Source records
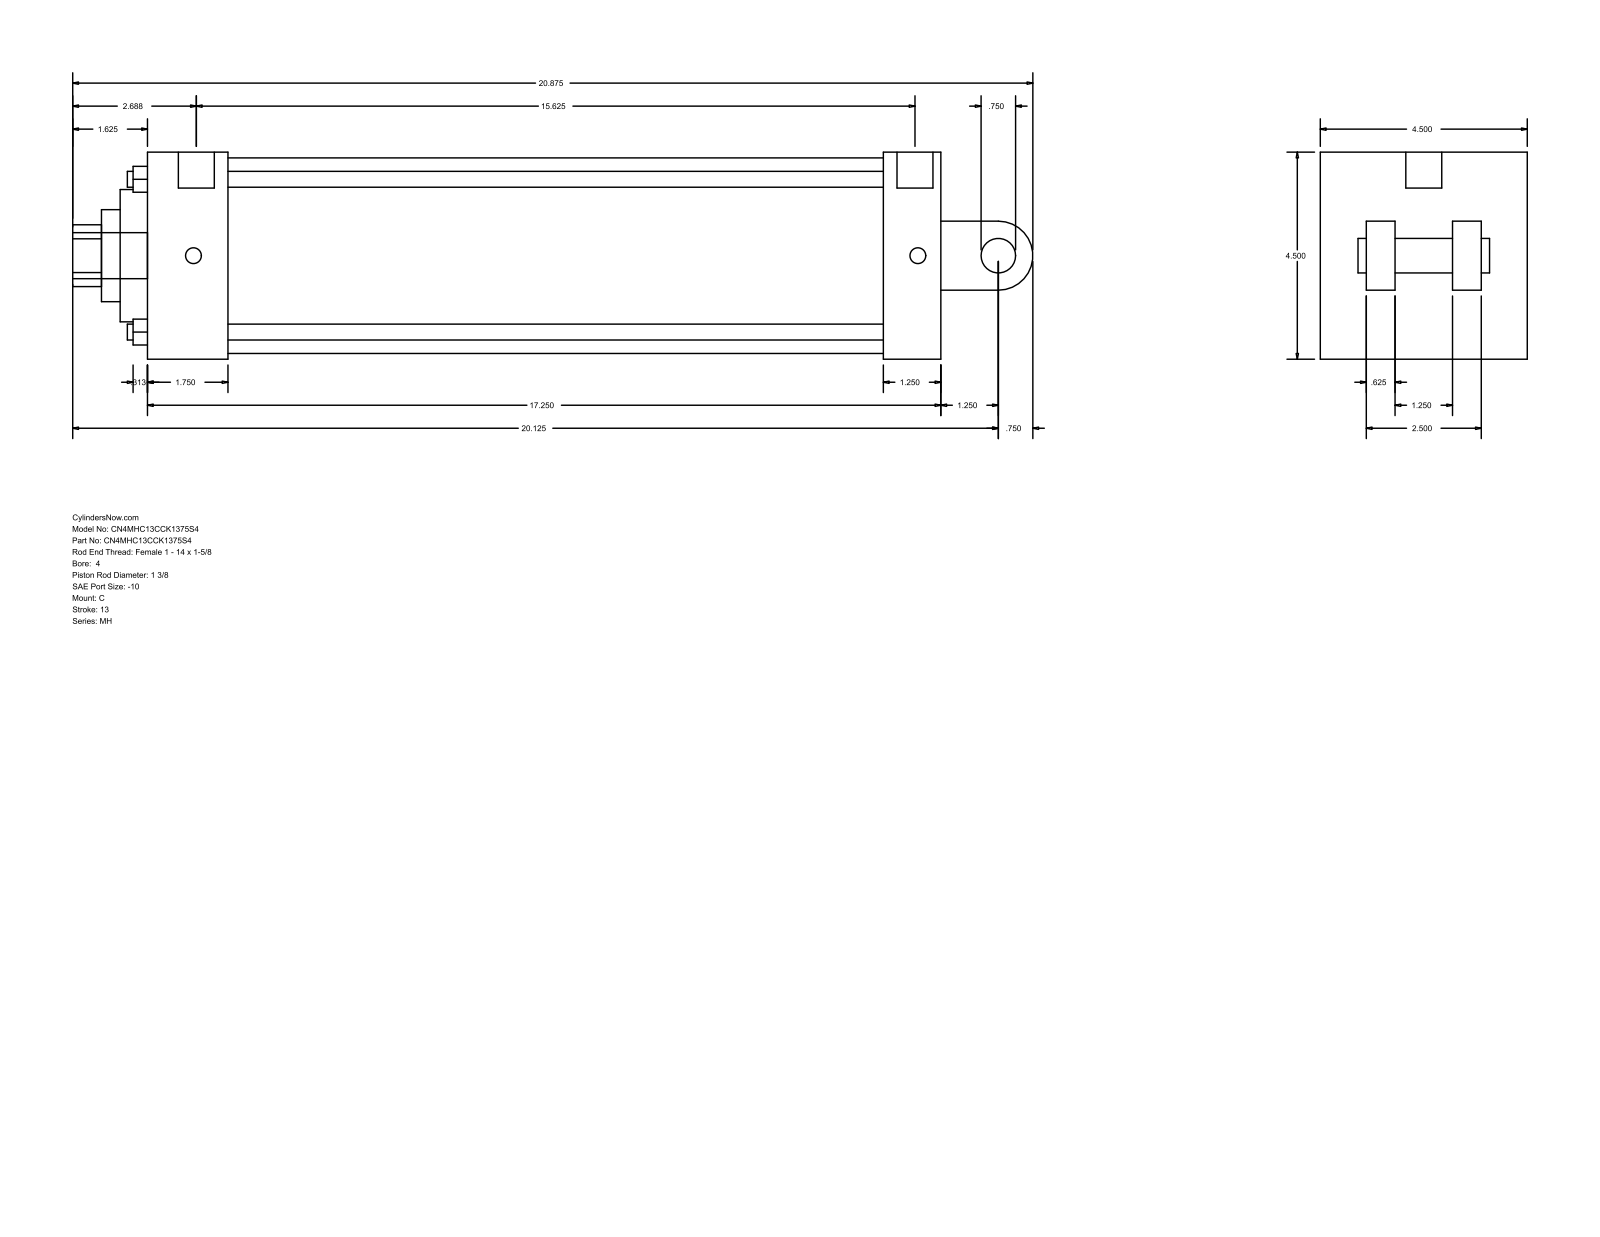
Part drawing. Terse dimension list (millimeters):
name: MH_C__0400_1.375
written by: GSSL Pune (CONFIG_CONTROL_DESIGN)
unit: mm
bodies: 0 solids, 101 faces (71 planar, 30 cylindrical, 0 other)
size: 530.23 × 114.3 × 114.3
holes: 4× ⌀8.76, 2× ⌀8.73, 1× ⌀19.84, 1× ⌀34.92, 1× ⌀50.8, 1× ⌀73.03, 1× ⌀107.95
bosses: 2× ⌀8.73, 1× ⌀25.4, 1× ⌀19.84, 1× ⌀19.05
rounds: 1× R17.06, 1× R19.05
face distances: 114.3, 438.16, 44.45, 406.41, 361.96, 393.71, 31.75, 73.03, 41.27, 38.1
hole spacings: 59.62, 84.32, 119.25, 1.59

# WHAT THE EXERCISE ASKS:
Your reply should restate every entry exactly, with the pictures left out.

# RESPONSE AREA:
Part drawing. Terse dimension list (millimeters):
name: MH_C__0400_1.375
written by: GSSL Pune (CONFIG_CONTROL_DESIGN)
unit: mm
bodies: 0 solids, 101 faces (71 planar, 30 cylindrical, 0 other)
size: 530.23 × 114.3 × 114.3
holes: 4× ⌀8.76, 2× ⌀8.73, 1× ⌀19.84, 1× ⌀34.92, 1× ⌀50.8, 1× ⌀73.03, 1× ⌀107.95
bosses: 2× ⌀8.73, 1× ⌀25.4, 1× ⌀19.84, 1× ⌀19.05
rounds: 1× R17.06, 1× R19.05
face distances: 114.3, 438.16, 44.45, 406.41, 361.96, 393.71, 31.75, 73.03, 41.27, 38.1
hole spacings: 59.62, 84.32, 119.25, 1.59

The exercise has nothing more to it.